# Lesson 1 — Hello, robot

**Goal:** Understand what a Spanda program looks like and run your first one.

**Example:** [`examples/basics/01_minimal_robot.sd`](../../examples/basics/01_minimal_robot.sd)

---

## What is Spanda?

Spanda is a language for **autonomous systems** — robots, drones, agents, and edge devices where
sensors, AI, actuators, and safety rules belong in the source code, not scattered across scripts and
config files.

A Spanda program describes a **robot**: what it can sense, what it can move, and what behaviors it
runs.

---

## Your first program

```spanda
module basics.minimal;

robot TutorialBot {
  actuator wheels: DifferentialDrive;

  behavior greet() {
    wheels.stop();
  }
}
```

| Piece | Meaning |
|-------|---------|
| `module` | Names this file in a multi-file project (optional for single-file demos) |
| `robot` | The autonomous system you are programming |
| `actuator wheels: DifferentialDrive` | A drive system the robot controls |
| `behavior greet()` | A named entry point the runtime can execute |
| `wheels.stop()` | A safe command sent to the actuator |

Spanda is **not** object-oriented in the Java sense. You do not subclass `Robot`. You declare
hardware and behaviors directly.

---

## Try it

```bash
spanda check examples/basics/01_minimal_robot.sd
spanda run examples/basics/01_minimal_robot.sd
```

- **`check`** — type-check without running.
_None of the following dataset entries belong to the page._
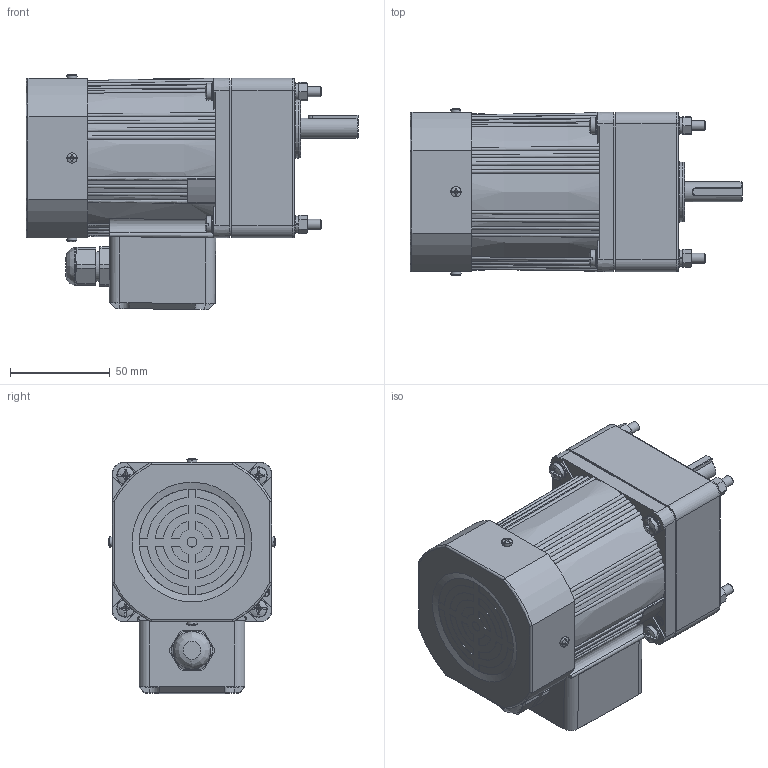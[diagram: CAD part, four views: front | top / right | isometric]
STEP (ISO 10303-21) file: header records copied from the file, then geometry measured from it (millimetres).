
FILE_DESCRIPTION(/* description */ (''),/* implementation_level */ '2;1');
FILE_NAME(/* name */ '4RK25-30GNC·TF-4GN3-20K-C·10T常规接线盒.stp',/* time_stamp */ '2025-04-13T14:23:47+08:00',/* author */ (''),/* organization */ (''),/* preprocessor_version */ 'ST-DEVELOPER v18.102',/* originating_system */ 'SIEMENS PLM Software NX 2027',/* authorisation */ '');
FILE_SCHEMA (('AP203_CONFIGURATION_CONTROLLED_3D_DESIGN_OF_MECHANICAL_PARTS_AND_ASSEMBLIES_MIM_LF { 1 0 10303 403 2 1 2}'));
Length unit declared in the file: millimetre
Products named in the file (1): 4RK25-30CC·F-4GN3-20K-C·10T_stp_objects
Bounding box: 166.3 x 83.8 x 117.79 mm (x, y, z)
Volume: 777382.2 mm3; surface area: 111564.9 mm2
Topology: 21 solids, 21 shells, 1117 faces, 2944 edges, 1901 vertices
Faces by surface type: plane 413, bspline 290, cylinder 214, cone 130, torus 50, sphere 20
Full cylindrical faces by diameter (mm): 4 x1, 4.351 x4, 4.4 x1, 4.5 x4, 4.6 x4, 5 x6, 5.1 x4, 5.3 x8, 5.849 x1, 6 x8, 6.5 x4, 8.5 x4, 9 x9, 10 x1, 10.5 x1, 12 x1, 15 x2, 16 x1, 18 x1, 19 x2, 26 x1, 30 x1, 56 x1, 67 x1, 75 x2, 77.5 x1
Entity records: 40527 total; most frequent: CARTESIAN_POINT 16313, ORIENTED_EDGE 5506, DIRECTION 3751, EDGE_CURVE 2753, VERTEX_POINT 1842, AXIS2_PLACEMENT_3D 1487, EDGE_LOOP 1393, B_SPLINE_CURVE_WITH_KNOTS 1315
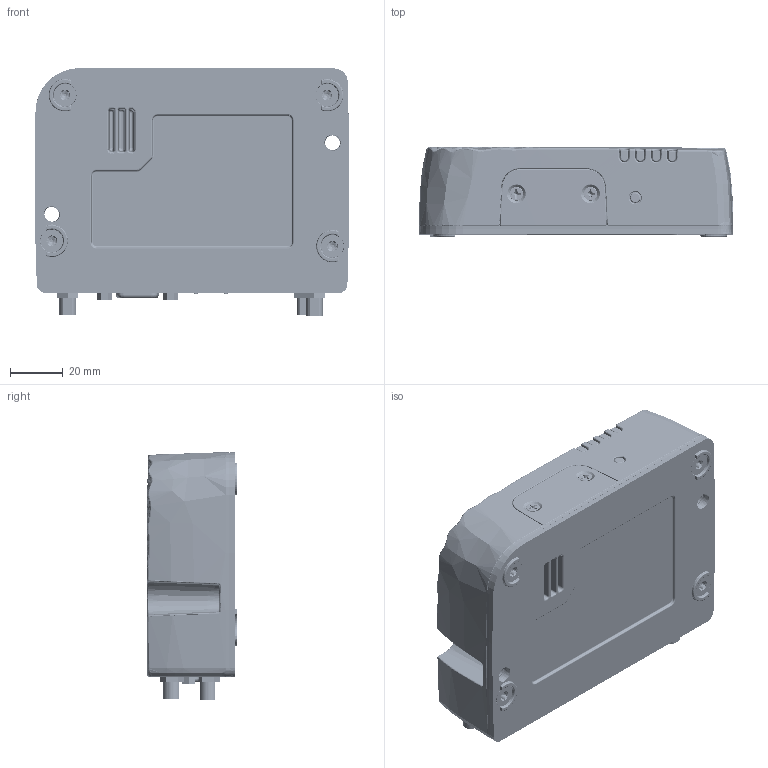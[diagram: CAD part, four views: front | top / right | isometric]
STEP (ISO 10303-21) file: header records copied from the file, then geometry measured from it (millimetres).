
FILE_DESCRIPTION((''),'2;1');
FILE_NAME('2102957_ASM','2015-11-03T',('smar'),('Sierra Wireless'),'PRO/ENGINEER BY PARAMETRIC TECHNOLOGY CORPORATION, 2013130','PRO/ENGINEER BY PARAMETRIC TECHNOLOGY CORPORATION, 2013130','');
FILE_SCHEMA(('AUTOMOTIVE_DESIGN { 1 0 10303 214 1 1 1 1 }'));
Products named in the file (37): MACAN_SKEL; 1304074; 1304077_MOLEX; 1304077_ASM; SEAL_FORM3; 1304088; CA720-110214-105G; 2000345_WASHER; 2000345_NUT; 1304091; A007209S_7; 072-S-318_2; 072-L-318_2; 007209P_HS_2; DR-SHELL-S_2; 54-50-12_1; RC_5; TFX_1; D10009S12401N_ASM_35_ASM; D-SUB_D130D_ASM; 90576A102_ASM; M3_LOCKNUT_ASM; RJ45_UDE; MOLEX_430450421; 1710731; 5200124; 1600739_ASM; 1304090; SIM_DOOR-ASSEMBLY_ASM; 1600636_ASM; 1500180; 1304075; 1304076; BOTTOM_COVER_ASM; 1550134; 1500291; 2102957_ASM
Assembly tree (62 placements, depth 5):
  2102957_ASM
    MACAN_SKEL
    1304074
    1304077_ASM
      1304077_MOLEX
    SEAL_FORM3
    1304088
    CA720-110214-105G  x3
    2000345_WASHER  x3
    2000345_NUT  x3
    1304091
    1600739_ASM
      D-SUB_D130D_ASM
        D10009S12401N_ASM_35_ASM
          A007209S_7
          072-S-318_2  x4
          072-L-318_2  x5
          007209P_HS_2
          DR-SHELL-S_2
          54-50-12_1  x2
          RC_5  x2
          TFX_1
      M3_LOCKNUT_ASM  x2
        90576A102_ASM
      RJ45_UDE
      MOLEX_430450421
      1710731
      5200124
    SIM_DOOR-ASSEMBLY_ASM
      1304090
    1600636_ASM
      D-SUB_D130D_ASM
        D10009S12401N_ASM_35_ASM
          A007209S_7
          072-S-318_2  x4
          072-L-318_2  x5
          007209P_HS_2
          DR-SHELL-S_2
          54-50-12_1  x2
          RC_5  x2
          TFX_1
      RJ45_UDE
      MOLEX_430450421
      1710731
      5200124
    1500180  x2
    BOTTOM_COVER_ASM
      1304075
      1304076
    1550134  x4
    1500291  x2
Bounding box: 118.91 x 34.2 x 93.59 mm (x, y, z)
Volume: 104718.1 mm3; surface area: 127537.4 mm2
Topology: 155 solids, 155 shells, 14949 faces, 39668 edges, 25072 vertices
Faces by surface type: plane 9158, cylinder 2864, bspline 1478, cone 660, torus 381, extrusion 247, sphere 121, revolution 40
Entity records: 454412 total; most frequent: CARTESIAN_POINT 162781, ORIENTED_EDGE 46294, DIRECTION 37991, PRESENTATION_STYLE_ASSIGNMENT 23815, STYLED_ITEM 23262, CURVE_STYLE 23147, EDGE_CURVE 23147, VECTOR 14755
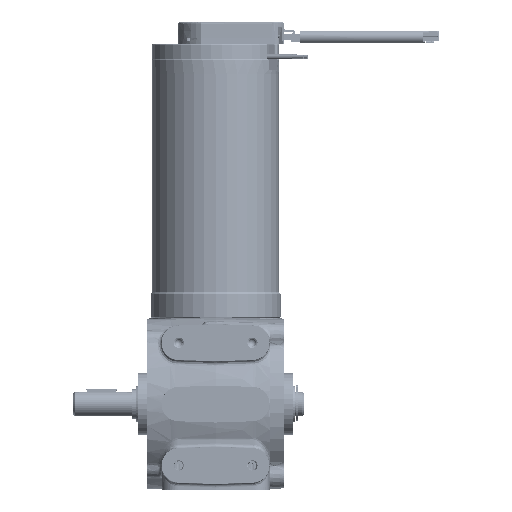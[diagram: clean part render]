
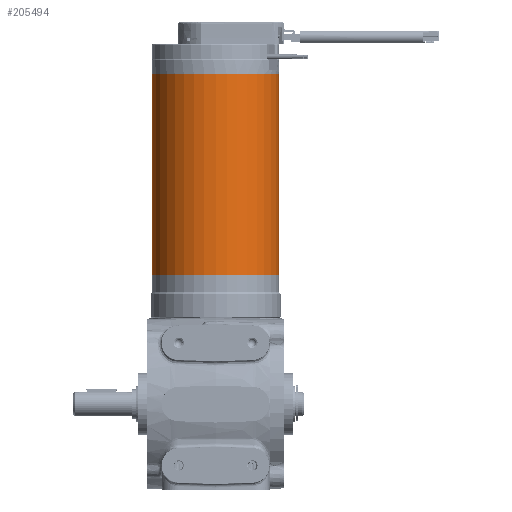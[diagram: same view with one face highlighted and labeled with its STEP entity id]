
A CAD part, front view. The second image highlights one B-rep face of the part: STEP entity #205494.
In plain terms, the highlighted cylindrical face has radius 26 mm (diameter 52 mm), a partial arc.
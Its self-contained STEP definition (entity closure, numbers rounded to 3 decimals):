
#3631 = ORIENTED_EDGE ( 'NONE', *, *, #151661, .T. ) ;
#13545 = LINE ( 'NONE', #148701, #166307 ) ;
#19255 = ORIENTED_EDGE ( 'NONE', *, *, #232965, .F. ) ;
#24252 = CARTESIAN_POINT ( 'NONE',  ( 85.757, 20.848, 189.564 ) ) ;
#29586 = CARTESIAN_POINT ( 'NONE',  ( 33.757, 20.848, 107.564 ) ) ;
#34040 = CIRCLE ( 'NONE', #160050, 26. ) ;
#39036 = CIRCLE ( 'NONE', #208794, 26. ) ;
#39431 = DIRECTION ( 'NONE',  ( 1., 0., 0. ) ) ;
#46275 = DIRECTION ( 'NONE',  ( 1., 0., 0. ) ) ;
#63581 = EDGE_CURVE ( 'NONE', #286070, #189823, #217346, .T. ) ;
#94854 = DIRECTION ( 'NONE',  ( 0., 0., -1. ) ) ;
#102230 = VECTOR ( 'NONE', #190110, 1000. ) ;
#122043 = FACE_OUTER_BOUND ( 'NONE', #232312, .T. ) ;
#125897 = DIRECTION ( 'NONE',  ( 0., 0., -1. ) ) ;
#130430 = EDGE_CURVE ( 'NONE', #153878, #224317, #13545, .T. ) ;
#147655 = CARTESIAN_POINT ( 'NONE',  ( 33.757, 20.848, 189.564 ) ) ;
#148701 = CARTESIAN_POINT ( 'NONE',  ( 85.757, 20.848, 189.564 ) ) ;
#151661 = EDGE_CURVE ( 'NONE', #153878, #286070, #39036, .T. ) ;
#153878 = VERTEX_POINT ( 'NONE', #24252 ) ;
#155450 = DIRECTION ( 'NONE',  ( 0., 0., -1. ) ) ;
#160050 = AXIS2_PLACEMENT_3D ( 'NONE', #281032, #155450, #278068 ) ;
#166307 = VECTOR ( 'NONE', #125897, 1000. ) ;
#174271 = CARTESIAN_POINT ( 'NONE',  ( 33.757, 20.848, 189.564 ) ) ;
#178104 = CARTESIAN_POINT ( 'NONE',  ( 85.757, 20.848, 107.564 ) ) ;
#182022 = DIRECTION ( 'NONE',  ( 0., 0., -1. ) ) ;
#188835 = CYLINDRICAL_SURFACE ( 'NONE', #207047, 26. ) ;
#189823 = VERTEX_POINT ( 'NONE', #29586 ) ;
#190110 = DIRECTION ( 'NONE',  ( 0., 0., -1. ) ) ;
#195329 = ORIENTED_EDGE ( 'NONE', *, *, #63581, .T. ) ;
#205494 = ADVANCED_FACE ( 'NONE', ( #122043 ), #188835, .T. ) ;
#207047 = AXIS2_PLACEMENT_3D ( 'NONE', #281601, #94854, #46275 ) ;
#208794 = AXIS2_PLACEMENT_3D ( 'NONE', #270281, #182022, #39431 ) ;
#217346 = LINE ( 'NONE', #147655, #102230 ) ;
#224317 = VERTEX_POINT ( 'NONE', #178104 ) ;
#232312 = EDGE_LOOP ( 'NONE', ( #3631, #195329, #19255, #287970 ) ) ;
#232965 = EDGE_CURVE ( 'NONE', #224317, #189823, #34040, .T. ) ;
#270281 = CARTESIAN_POINT ( 'NONE',  ( 59.757, 20.848, 189.564 ) ) ;
#278068 = DIRECTION ( 'NONE',  ( 1., 0., 0. ) ) ;
#281032 = CARTESIAN_POINT ( 'NONE',  ( 59.757, 20.848, 107.564 ) ) ;
#281601 = CARTESIAN_POINT ( 'NONE',  ( 59.757, 20.848, 189.564 ) ) ;
#286070 = VERTEX_POINT ( 'NONE', #174271 ) ;
#287970 = ORIENTED_EDGE ( 'NONE', *, *, #130430, .F. ) ;

Catches unit errors, unsafe AI usage, and missing
  symbols at compile time.
- **`run`** — execute against the simulated backend (no physical robot required).

---

## Create your own project

```bash
spanda init my_bot
cd my_bot
```

Edit `src/main.sd` with a robot block, then:

```bash
spanda check src/main.sd
spanda run src/main.sd
```

See [getting-started.md](../getting-started.md) for the full first-project walkthrough.

---

## Key ideas

1. **`.sd` files** — Spanda source extension (think “Spanda definition”).
2. **Robots, not classes** — `robot { }` is the top-level unit of autonomous logic.
3. **Actuators are typed** — `DifferentialDrive`, `RobotArm`, `Gripper`, etc. The compiler knows
   what commands are valid.
4. **Check before run** — always run `spanda check` in CI and before deploy.

---

## Exercise

Create `my_bot/src/main.sd` with:

- A robot named `Greeter`
- One `DifferentialDrive` actuator
- A behavior `wave()` that calls `wheels.stop()`

Run `spanda check` and `spanda run`.

---

**Next:** [Lesson 2 — Sensors and safety](./02-sensors-and-safety.md)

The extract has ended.